Here’s the Text: White-Lined Sphinx: Hyles lineata
You’ve gotten various pictures of this caterpillar; I’ve listed them here. You might want to take the most recent one. A more radical idea would be to show them all – good contrast to show the variability of the markings? ‘Course that might well be a lot of work. Just a thought. This caterpillar was (and might still be, for all I know) a very popular food item throughout most of its range, particularly in the Western U.S. and Mexico. To the Pima of southern Arizona it’s makum. To the Maricopa along the Gila River it’s ame. The Seri of northwestern Mexico call/ed it hehe icam, which means "plant’s live thing." This information (and the narrative for Rhynchophorus on this page) comes from DeFoliart’s impressive text, which can be found at www.food-insects.com .
I had a chance to eat this caterpillar in New Mexico in June 2005, but I was on sacred ground at the time so that would have been a no-no
David Gracer

Hi David,
Thank you for clueing us in to the edibility of this highly variable caterpillar.
.

Letter 24 – Whitelined Sphinx

 

Subject: Moth Identification
Location: Glendale CA
March 26, 2016 4:59 pm
I photographed this moth on the outside wall of my apartment building, next to the front door.
Date: March 26, 2016
Location: Glendale CA
I tried to identify it online, but no luck.
Can you tell me what moth this is and whether or not it is indigenous to California?
Thank-you for your help.
Signature: Bill in California

Whitelined Sphinx
Whitelined Sphinx

Dear Bill,
Not only is the Whitelined Sphinx indigenous to California, it can be found in all the continental United States as well as Mexico and Canada.  Caterpillars of the Whitelined Sphinx can be quite numerous in the deserts of the southwest when conditions are favorable, and when metamorphosis is complete, there are also large numbers of the adult White Lined Sphinx Moths seen feeding at dusk and dawn when they are frequently confused for hummingbirds because of they manner in which they fly.

Dear Daniel,
Thank-you so much for your extremely fast reply!
Before I contacted you, I looked up the entomology department
at UC Riverside, but they charge the general public $25.00 to
identity an insect. I am grateful that you have shared your
knowledge for free.
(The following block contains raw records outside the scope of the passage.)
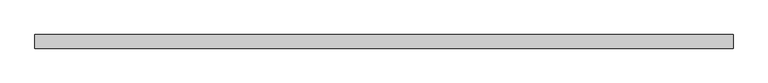
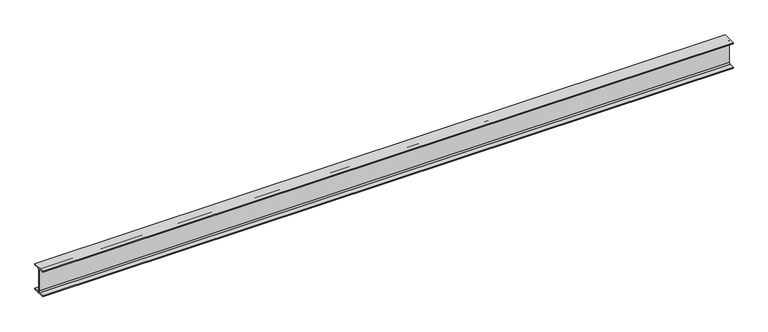
"""IFC4 building model written with IfcOpenShell, lengths in millimetres: beam geometry, 0912_Steel Framing_H-KSD3502 : H_SB_H-200x100x5.5x8."""

from ifc_helpers import new_model, si_unit, point, frame, frame_2d, origin, place, context, project, spatial, polyline, circle_curve, trimmed, segment, composite_curve, outline, extrude, source, transform, mapped, element, save


def beam_dd467f0e(model_context):
    return source(origin(), model_context, "Body", "SweptSolid", [
        extrude(outline(composite_curve([segment(polyline([(50.0, -92.0), (50.0, -100.0), (-50.0, -100.0), (-50.0, -92.0), (-13.75, -92.0)]), True, "CONTINUOUS"), segment(trimmed(circle_curve(frame_2d((-13.75, -81.0)), 11.0), [point((-13.75, -92.0))], [point((-2.75, -81.0))], True, "CARTESIAN"), True, "CONTINUOUS"), segment(polyline([(-2.75, -81.0), (-2.75, 81.0)]), True, "CONTINUOUS"), segment(trimmed(circle_curve(frame_2d((-13.75, 81.0)), 11.0), [point((-2.75, 81.0))], [point((-13.75, 92.0))], True, "CARTESIAN"), True, "CONTINUOUS"), segment(polyline([(-13.75, 92.0), (-50.0, 92.0), (-50.0, 100.0), (50.0, 100.0), (50.0, 92.0), (13.75, 92.0)]), True, "CONTINUOUS"), segment(trimmed(circle_curve(frame_2d((13.75, 81.0)), 11.0), [point((13.75, 92.0))], [point((2.75, 81.0))], True, "CARTESIAN"), True, "CONTINUOUS"), segment(polyline([(2.75, 81.0), (2.75, -81.0)]), True, "CONTINUOUS"), segment(trimmed(circle_curve(frame_2d((13.75, -81.0)), 11.0), [point((2.75, -81.0))], [point((13.75, -92.0))], True, "CARTESIAN"), True, "CONTINUOUS"), segment(polyline([(13.75, -92.0), (50.0, -92.0)]), True, "CONTINUOUS")], self_intersect=False)), frame((-2509.476368, 0.0, 0.0), z_axis=(1.0, 0.0, 0.0), x_axis=(0.0, 1.0, 0.0)), (0.0, 0.0, 1.0), 5119.4514916),
    ])


if __name__ == "__main__":
    model = new_model("IFC4")
    model_context = context("Model", 3, world=origin())
    ifc_project = project(units=[si_unit("LENGTHUNIT", "METRE", prefix="MILLI")], contexts=[model_context])
    site = spatial("IfcSite", under=ifc_project)
    building = spatial("IfcBuilding", under=site)
    placement = place(None, origin())
    beam_shape = beam_dd467f0e(model_context)
    element("IfcBeam", 1, ObjectType="0912_Steel Framing_H-KSD3502 : H_SB_H-200x100x5.5x8", at=placement, inside=building, context=model_context, shape_type="MappedRepresentation", body=[
        mapped(beam_shape, transform((0.0, 0.0, 0.0), x_axis=(1.0, 0.0, 0.0), y_axis=(0.0, 1.0, 0.0), z_axis=(0.0, 0.0, 1.0))),
    ])
    save(model, "model.ifc")

# Revit data of these elements
# Type "0912_Steel Framing_H-KSD3502 : H_SB_H-200x100x5.5x8"
#   Width = 10.0 cm
#   Web Thickness = 0.55 cm
#   Web Fillet = 1.1 cm
#   Warping Constant = 12288.0 cm⁶
#   W = 0
#   Torsional Moment of Inertia = 4.4781 cm⁴
#   Section Area = 27.16 cm²
#   Plastic Modulus weak axis = 41.9 cm³
#   Plastic Modulus strong axis = 209.0 cm³
#   Perimeter = 0.77 m²/m
#   Nominal Weight = 21.30 kgf/m
#   Moment of Inertia weak axis = 134.00 cm⁴
#   Moment of Inertia strong axis = 1840.00 cm⁴
#   Height = 20.0 cm
#   Flange Thickness = 0.8 cm
#   Elastic Modulus weak axis = 26.8 cm³
#   Elastic Modulus strong axis = 184.0 cm³
#   Centroid Vertical = 10.0 cm
#   Centroid Horizontal = 5.0 cm
#   Ix = 18400000
#   Length [instance default] = 1524 mm
#   Zx = 209000
#   b = 100 mm
#   h = 200 mm
#   r = 11 mm
#   s = 5.5 mm
#   t = 8 mm
#   A = 0.002716 m²
#   Structural Material [instance default] = Steel, 45-345
#   Assembly Code = ""
# Element 1 (IfcBeam, "0912_Steel Framing_H-KSD3502 : H_SB_H-200x100x5.5x8")
#   Materials on its faces: "Steel, 45-345"
# Materials
#   "Steel, 45-345": class "Metal", colour RGB 189 187 185, transparency 0, Description = "Steel 345 MPa", Cost = 0
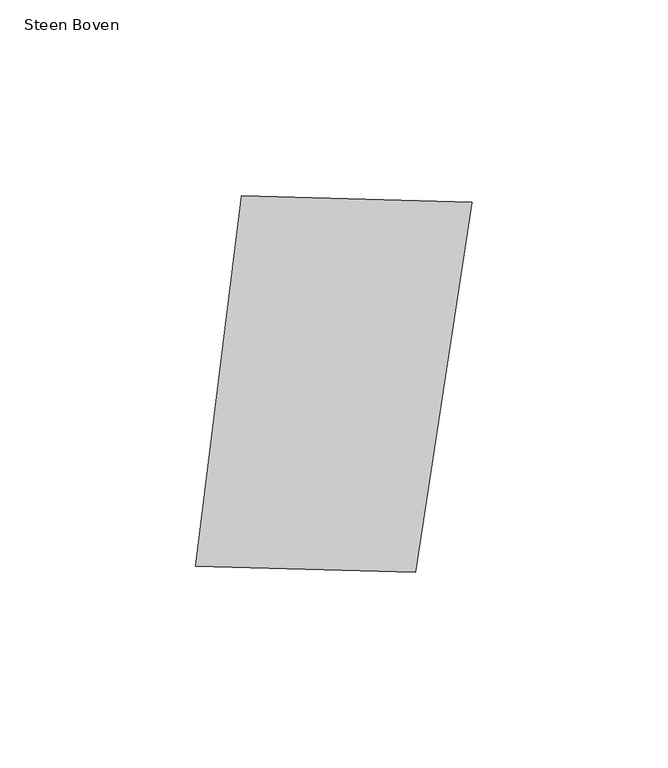
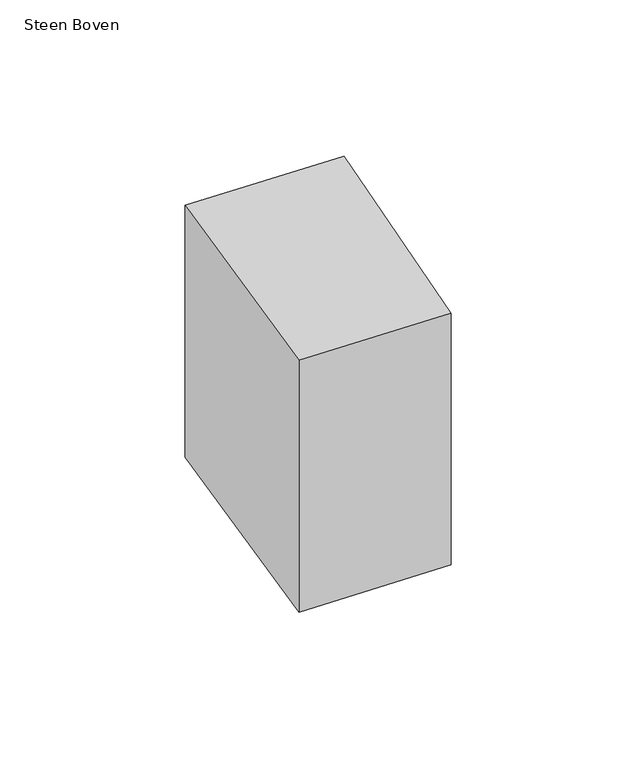
"""IFC4 building model written with IfcOpenShell, lengths in millimetres: proxy geometry, 00_GMA_steen_versie_4 : Steen Boven."""

from ifc_helpers import new_model, si_unit, origin, origin_with_axes, place, context, project, spatial, polyline, outline, extrude, source, transform, mapped, element, save


def steen_boven_4abb9939(model_context):
    return source(origin(), model_context, "Body", "SweptSolid", [
        extrude(outline(polyline([(108.1602922, 118.5428629), (93.704652, 23.8737179), (37.3847868, 25.4648208), (49.2179184, 120.1947689), (108.1602922, 118.5428629)])), origin_with_axes(), (0.0, 0.0, 1.0), 100.0),
    ])


if __name__ == "__main__":
    model = new_model("IFC4")
    model_context = context("Model", 3, world=origin())
    ifc_project = project(units=[si_unit("LENGTHUNIT", "METRE", prefix="MILLI")], contexts=[model_context])
    site = spatial("IfcSite", under=ifc_project)
    building = spatial("IfcBuilding", under=site)
    placement = place(None, origin())
    steen_boven_shape = steen_boven_4abb9939(model_context)
    element("IfcBuildingElementProxy", 1, Name="00_GMA_steen_versie_4 : Steen Boven", ObjectType="00_GMA_steen_versie_4 : Steen Boven", at=placement, inside=building, context=model_context, shape_type="MappedRepresentation", body=[
        mapped(steen_boven_shape, transform((0.0, 0.0, 0.0), x_axis=(1.0, 0.0, 0.0), y_axis=(0.0, 1.0, 0.0), z_axis=(0.0, 0.0, 1.0))),
    ])
    save(model, "model.ifc")

# Revit data of these elements
# Type "00_GMA_steen_versie_4 : Steen Boven"
#   StootVoegHalfBoven [instance default] = 5 mm
#   StootVoegHalf [instance default] = 5 mm
#   StootVoegBreedteOnder = 10 mm
#   StootVoegBreedteBoven = 10 mm
#   Steendikte = 100 mm
#   LintVoegOnderHalf = 5 mm
#   LintVoegOnder = 10 mm
#   LintVoegBovenHalf = 0 mm
#   LintVoegBoven = 0 mm
#   materiaal = none
#   MateriaalVoeg = none
#   Default Elevation = 0
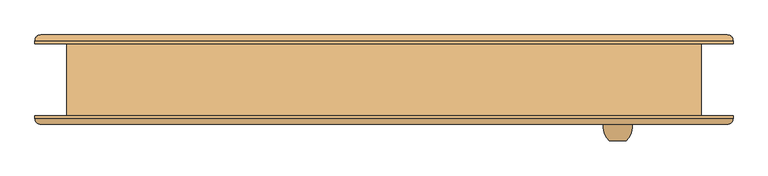
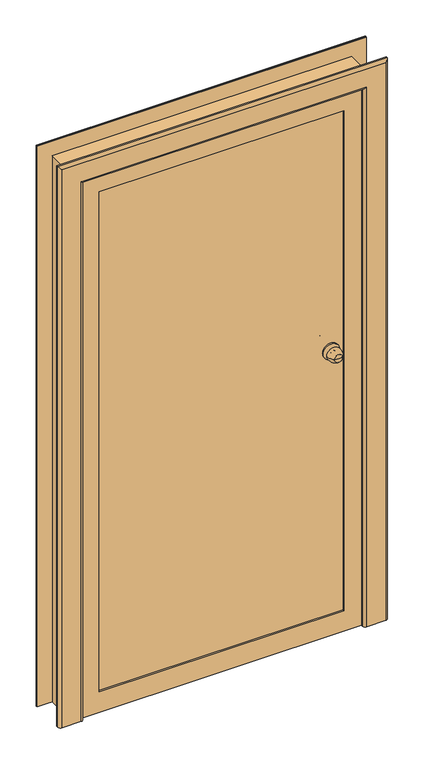
"""IFC4 building model written with IfcOpenShell, lengths in millimetres: door geometry, Наружная дверь 1-Навесная - Один проем наружу с порогом - 31173-2003 : ДСН КЛН  М1 УЗ 2100-1100 ГОСТ 31173-2003."""

from ifc_helpers import new_model, si_unit, point, frame, origin, place, context, project, spatial, polyline, circle_curve, ellipse_curve, trimmed, outline, extrude, faceted_brep, source, transform, mapped, element, save
from ifc_brep_helpers import plane_surface, cylinder_surface, revolved_surface, advanced_brep


def door_7e4ce2f0(model_context):
    return source(origin(), model_context, "Body", "SolidModel", [
        advanced_brep(
        [(390.0, -105.5, 1100.0), (405.0, -105.5, 1100.0), (420.0, -105.5, 1100.0), (430.0, -75.5, 1100.0), (380.0, -75.5, 1100.0), (423.0, -75.5, 1100.0), (387.0, -75.5, 1100.0), (415.0, -67.5, 1100.0), (395.0, -67.5, 1100.0), (415.0, -61.5, 1100.0), (395.0, -61.5, 1100.0), (435.0, -61.5, 1100.0), (375.0, -61.5, 1100.0), (435.0, -55.5, 1100.0), (375.0, -55.5, 1100.0)],
        [
            (0, 1),
            (1, 2),
            (2, 0, circle_curve(frame((405.0, -105.5, 1100.0), z_axis=(0.0, -1.0, 0.0), x_axis=(1.0, 0.0, 0.0)), 15.0)),
            (0, 2, circle_curve(frame((405.0, -105.5, 1100.0), z_axis=(0.0, -1.0, 0.0), x_axis=(1.0, 0.0, 0.0)), 15.0)),
            (2, 3, circle_curve(frame((395.3773735, -80.6257912, 1100.0), z_axis=(0.0, 0.0, 1.0), x_axis=(-1.0, 0.0, 0.0)), 35.0)),
            (3, 4, circle_curve(frame((405.0, -75.5, 1100.0), z_axis=(0.0, -1.0, 0.0), x_axis=(1.0, 0.0, 0.0)), 25.0)),
            (4, 0, circle_curve(frame((414.6226265, -80.6257912, 1100.0), z_axis=(0.0, 0.0, 1.0), x_axis=(1.0, 0.0, 0.0)), 35.0)),
            (4, 3, circle_curve(frame((405.0, -75.5, 1100.0), z_axis=(0.0, -1.0, 0.0), x_axis=(1.0, 0.0, 0.0)), 25.0)),
            (3, 5),
            (5, 6, circle_curve(frame((405.0, -75.5, 1100.0), z_axis=(0.0, -1.0, 0.0), x_axis=(1.0, 0.0, 0.0)), 18.0)),
            (6, 4),
            (6, 5, circle_curve(frame((405.0, -75.5, 1100.0), z_axis=(0.0, -1.0, 0.0), x_axis=(1.0, 0.0, 0.0)), 18.0)),
            (5, 7, circle_curve(frame((423.0, -67.5, 1100.0), z_axis=(0.0, 0.0, -1.0), x_axis=(-1.0, 0.0, 0.0)), 8.0)),
            (7, 8, circle_curve(frame((405.0, -67.5, 1100.0), z_axis=(0.0, -1.0, 0.0), x_axis=(1.0, 0.0, 0.0)), 10.0)),
            (8, 6, circle_curve(frame((387.0, -67.5, 1100.0), z_axis=(0.0, 0.0, -1.0), x_axis=(1.0, 0.0, 0.0)), 8.0)),
            (8, 7, circle_curve(frame((405.0, -67.5, 1100.0), z_axis=(0.0, -1.0, 0.0), x_axis=(1.0, 0.0, 0.0)), 10.0)),
            (7, 9),
            (9, 10, circle_curve(frame((405.0, -61.5, 1100.0), z_axis=(0.0, -1.0, 0.0), x_axis=(1.0, 0.0, 0.0)), 10.0)),
            (10, 8),
            (10, 9, circle_curve(frame((405.0, -61.5, 1100.0), z_axis=(0.0, -1.0, 0.0), x_axis=(1.0, 0.0, 0.0)), 10.0)),
            (11, 12, circle_curve(frame((405.0, -61.5, 1100.0), z_axis=(0.0, -1.0, 0.0), x_axis=(-1.0, 0.0, 0.0)), 30.0)),
            (12, 11, circle_curve(frame((405.0, -61.5, 1100.0), z_axis=(0.0, -1.0, 0.0), x_axis=(-1.0, 0.0, 0.0)), 30.0)),
            (13, 14, circle_curve(frame((405.0, -55.5, 1100.0), z_axis=(0.0, 1.0, 0.0), x_axis=(-1.0, 0.0, 0.0)), 30.0)),
            (14, 13, circle_curve(frame((405.0, -55.5, 1100.0), z_axis=(0.0, 1.0, 0.0), x_axis=(-1.0, 0.0, 0.0)), 30.0)),
            (12, 14),
            (13, 11),
        ],
        [
            plane_surface(frame((405.0, -105.5, 1100.0), z_axis=(0.0, -1.0, 0.0), x_axis=(1.0, 0.0, 0.0))),
            revolved_surface(trimmed(ellipse_curve(frame((395.3773735, -80.6257912, 1100.0), z_axis=(0.0, 0.0, 1.0), x_axis=(-1.0, 0.0, 0.0)), 35.0, 35.0), [point((420.0, -105.5, 1100.0))], [point((430.0, -75.5, 1100.0))], True, "CARTESIAN"), (405.0, -135.5, 1100.0), (0.0, 1.0, 0.0)),
            plane_surface(frame((405.0, -75.5, 1100.0), z_axis=(0.0, 1.0, 0.0), x_axis=(1.0, 0.0, 0.0))),
            revolved_surface(trimmed(ellipse_curve(frame((423.0, -67.5, 1100.0), z_axis=(0.0, 0.0, -1.0), x_axis=(-1.0, 0.0, 0.0)), 8.0, 8.0), [point((423.0, -75.5, 1100.0))], [point((415.0, -67.5, 1100.0))], True, "CARTESIAN"), (405.0, -135.5, 1100.0), (0.0, 1.0, 0.0)),
            cylinder_surface(frame((405.0, -135.5, 1100.0), z_axis=(0.0, 1.0, 0.0), x_axis=(1.0, 0.0, 0.0)), 10.0),
            plane_surface(frame((375.0, -61.5, 1100.0), z_axis=(0.0, -1.0, 0.0), x_axis=(0.0, 0.0, 1.0))),
            plane_surface(frame((375.0, -55.5, 1100.0), z_axis=(0.0, 1.0, 0.0), x_axis=(0.0, 0.0, -1.0))),
            cylinder_surface(frame((405.0, -55.5, 1100.0), z_axis=(0.0, -1.0, 0.0), x_axis=(-1.0, 0.0, 0.0)), 30.0),
        ],
        [
            (0, [[1, 2, 3]]),
            (0, [[-1, 4, -2]]),
            (1, [[5, 6, 7, -3]]),
            (1, [[-7, 8, -5, -4]]),
            (2, [[9, 10, 11, -6]]),
            (2, [[-11, 12, -9, -8]]),
            (3, [[13, 14, 15, -10]]),
            (3, [[-15, 16, -13, -12]]),
            (4, [[17, 18, 19, -14]]),
            (4, [[-19, 20, -17, -16]]),
            (5, [[21, 22], [-20, -18]]),
            (6, [[23, 24]]),
            (7, [[25, -23, 26, -22]]),
            (7, [[-26, -24, -25, -21]]),
        ],
    ),
        advanced_brep(
        [(420.0, 64.5, 1100.0), (405.0, 64.5, 1100.0), (390.0, 64.5, 1100.0), (380.0, 34.5, 1100.0), (430.0, 34.5, 1100.0), (387.0, 34.5, 1100.0), (423.0, 34.5, 1100.0), (395.0, 26.5, 1100.0), (415.0, 26.5, 1100.0), (395.0, 20.5, 1100.0), (415.0, 20.5, 1100.0), (375.0, 20.5, 1100.0), (435.0, 20.5, 1100.0), (375.0, 14.5, 1100.0), (435.0, 14.5, 1100.0)],
        [
            (0, 1),
            (1, 2),
            (2, 0, circle_curve(frame((405.0, 64.5, 1100.0), z_axis=(0.0, 1.0, 0.0), x_axis=(-1.0, 0.0, 0.0)), 15.0)),
            (0, 2, circle_curve(frame((405.0, 64.5, 1100.0), z_axis=(0.0, 1.0, 0.0), x_axis=(-1.0, 0.0, 0.0)), 15.0)),
            (2, 3, circle_curve(frame((414.6226265, 39.6257912, 1100.0), z_axis=(0.0, 0.0, 1.0), x_axis=(1.0, 0.0, 0.0)), 35.0)),
            (3, 4, circle_curve(frame((405.0, 34.5, 1100.0), z_axis=(0.0, 1.0, 0.0), x_axis=(-1.0, 0.0, 0.0)), 25.0)),
            (4, 0, circle_curve(frame((395.3773735, 39.6257912, 1100.0), z_axis=(0.0, 0.0, 1.0), x_axis=(-1.0, 0.0, 0.0)), 35.0)),
            (4, 3, circle_curve(frame((405.0, 34.5, 1100.0), z_axis=(0.0, 1.0, 0.0), x_axis=(-1.0, 0.0, 0.0)), 25.0)),
            (3, 5),
            (5, 6, circle_curve(frame((405.0, 34.5, 1100.0), z_axis=(0.0, 1.0, 0.0), x_axis=(-1.0, 0.0, 0.0)), 18.0)),
            (6, 4),
            (6, 5, circle_curve(frame((405.0, 34.5, 1100.0), z_axis=(0.0, 1.0, 0.0), x_axis=(-1.0, 0.0, 0.0)), 18.0)),
            (5, 7, circle_curve(frame((387.0, 26.5, 1100.0), z_axis=(0.0, 0.0, -1.0), x_axis=(1.0, 0.0, 0.0)), 8.0)),
            (7, 8, circle_curve(frame((405.0, 26.5, 1100.0), z_axis=(0.0, 1.0, 0.0), x_axis=(-1.0, 0.0, 0.0)), 10.0)),
            (8, 6, circle_curve(frame((423.0, 26.5, 1100.0), z_axis=(0.0, 0.0, -1.0), x_axis=(-1.0, 0.0, 0.0)), 8.0)),
            (8, 7, circle_curve(frame((405.0, 26.5, 1100.0), z_axis=(0.0, 1.0, 0.0), x_axis=(-1.0, 0.0, 0.0)), 10.0)),
            (7, 9),
            (9, 10, circle_curve(frame((405.0, 20.5, 1100.0), z_axis=(0.0, 1.0, 0.0), x_axis=(-1.0, 0.0, 0.0)), 10.0)),
            (10, 8),
            (10, 9, circle_curve(frame((405.0, 20.5, 1100.0), z_axis=(0.0, 1.0, 0.0), x_axis=(-1.0, 0.0, 0.0)), 10.0)),
            (11, 12, circle_curve(frame((405.0, 20.5, 1100.0), z_axis=(0.0, 1.0, 0.0), x_axis=(1.0, 0.0, 0.0)), 30.0)),
            (12, 11, circle_curve(frame((405.0, 20.5, 1100.0), z_axis=(0.0, 1.0, 0.0), x_axis=(1.0, 0.0, 0.0)), 30.0)),
            (13, 14, circle_curve(frame((405.0, 14.5, 1100.0), z_axis=(0.0, -1.0, 0.0), x_axis=(1.0, 0.0, 0.0)), 30.0)),
            (14, 13, circle_curve(frame((405.0, 14.5, 1100.0), z_axis=(0.0, -1.0, 0.0), x_axis=(1.0, 0.0, 0.0)), 30.0)),
            (12, 14),
            (13, 11),
        ],
        [
            plane_surface(frame((405.0, 64.5, 1100.0), z_axis=(0.0, 1.0, 0.0), x_axis=(-1.0, 0.0, 0.0))),
            revolved_surface(trimmed(ellipse_curve(frame((414.6226265, 39.6257912, 1100.0), z_axis=(0.0, 0.0, 1.0), x_axis=(1.0, 0.0, 0.0)), 35.0, 35.0), [point((390.0, 64.5, 1100.0))], [point((380.0, 34.5, 1100.0))], True, "CARTESIAN"), (405.0, 94.5, 1100.0), (0.0, -1.0, 0.0)),
            plane_surface(frame((405.0, 34.5, 1100.0), z_axis=(0.0, -1.0, 0.0), x_axis=(-1.0, 0.0, 0.0))),
            revolved_surface(trimmed(ellipse_curve(frame((387.0, 26.5, 1100.0), z_axis=(0.0, 0.0, -1.0), x_axis=(1.0, 0.0, 0.0)), 8.0, 8.0), [point((387.0, 34.5, 1100.0))], [point((395.0, 26.5, 1100.0))], True, "CARTESIAN"), (405.0, 94.5, 1100.0), (0.0, -1.0, 0.0)),
            cylinder_surface(frame((405.0, 94.5, 1100.0), z_axis=(0.0, -1.0, 0.0), x_axis=(-1.0, 0.0, 0.0)), 10.0),
            plane_surface(frame((435.0, 20.5, 1100.0), z_axis=(0.0, 1.0, 0.0), x_axis=(0.0, 0.0, 1.0))),
            plane_surface(frame((435.0, 14.5, 1100.0), z_axis=(0.0, -1.0, 0.0), x_axis=(0.0, 0.0, -1.0))),
            cylinder_surface(frame((405.0, 14.5, 1100.0), z_axis=(0.0, 1.0, 0.0), x_axis=(1.0, 0.0, 0.0)), 30.0),
        ],
        [
            (0, [[1, 2, 3]]),
            (0, [[-1, 4, -2]]),
            (1, [[5, 6, 7, -3]]),
            (1, [[-7, 8, -5, -4]]),
            (2, [[9, 10, 11, -6]]),
            (2, [[-11, 12, -9, -8]]),
            (3, [[13, 14, 15, -10]]),
            (3, [[-15, 16, -13, -12]]),
            (4, [[17, 18, 19, -14]]),
            (4, [[-19, 20, -17, -16]]),
            (5, [[21, 22], [-20, -18]]),
            (6, [[23, 24]]),
            (7, [[25, -23, 26, -22]]),
            (7, [[-26, -24, -25, -21]]),
        ],
    ),
        faceted_brep([(485.0, 14.5, 42.0), (485.0, 9.5, 42.0), (-485.0, 9.5, 42.0), (-485.0, 14.5, 42.0), (485.0, 14.5, 2055.0), (485.0, 9.5, 2055.0), (-485.0, 9.5, 2055.0), (465.0, 9.5, 2035.0), (465.0, 9.5, 62.0), (-465.0, 9.5, 62.0), (-465.0, 9.5, 2035.0), (-485.0, 14.5, 2055.0), (465.0, -55.5, 2035.0), (465.0, -55.5, 62.0), (-465.0, -55.5, 62.0), (-465.0, -55.5, 2035.0)], [[[0, 1, 2, 3]], [[4, 5, 1, 0]], [[5, 6, 2, 1], [7, 8, 9, 10]], [[2, 6, 11, 3]], [[11, 4, 0, 3]], [[7, 12, 13, 8]], [[9, 8, 13, 14]], [[15, 10, 9, 14]], [[12, 15, 14, 13]], [[4, 11, 6, 5]], [[7, 10, 15, 12]]]),
        extrude(outline(polyline([(0.0, 515.0), (0.0, 530.0), (2100.0, 530.0), (2100.0, -530.0), (0.0, -530.0), (0.0, -515.0), (2085.0, -515.0), (2085.0, 515.0), (0.0, 515.0)])), frame((0.0, 7.5, 0.0), z_axis=(0.0, 1.0, 0.0), x_axis=(0.0, 0.0, 1.0)), (0.0, 0.0, 1.0), 55.0),
        faceted_brep([(530.0, 7.5, 0.0), (530.0, -62.5, 0.0), (-530.0, -62.5, 0.0), (-530.0, 7.5, 0.0), (-530.0, -62.5, 2100.0), (-530.0, 7.5, 2100.0), (530.0, -62.5, 2100.0), (-450.0, -62.5, 2020.0), (450.0, -62.5, 2020.0), (450.0, -62.5, 80.0), (-450.0, -62.5, 80.0), (530.0, 7.5, 2100.0), (-470.0, 7.5, 60.0), (470.0, 7.5, 60.0), (470.0, 7.5, 2040.0), (-470.0, 7.5, 2040.0), (470.0, -57.5, 60.0), (-470.0, -57.5, 60.0), (-470.0, -57.5, 2040.0), (470.0, -57.5, 2040.0), (-450.0, -57.5, 80.0), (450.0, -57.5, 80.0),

Thank-you, again.
Sincerely,
Bill

Letter 25 – Whitelined Sphinx

 

Subject: Yellow & Black moth
Location: North Las Vegas, Nevada
July 8, 2016 5:19 am
It was quite large, and appeared yellow and black/brown, though the picture makes it look more brown and black.
Signature: JB

Whitelined Sphinx
Whitelined Sphinx

Dear JB,
Because it is at rest, the upper wings on your Whitelined Sphinx or Striped Morning Sphinx are covering the pink striped underwings that are revealed in flight.  This is a common, wide ranging species that if found in all 48 continental United States and Canada, though it is most common in the west.  Periodically there are population explosions of both the Whitelined Sphinx Caterpillars and consequently, after they mature, adult Whitelined Sphinxes.  It is not unusual for us to find several Whitelined Sphinxes attracted to the porch light of our Mount Washington offices at certain times of the year.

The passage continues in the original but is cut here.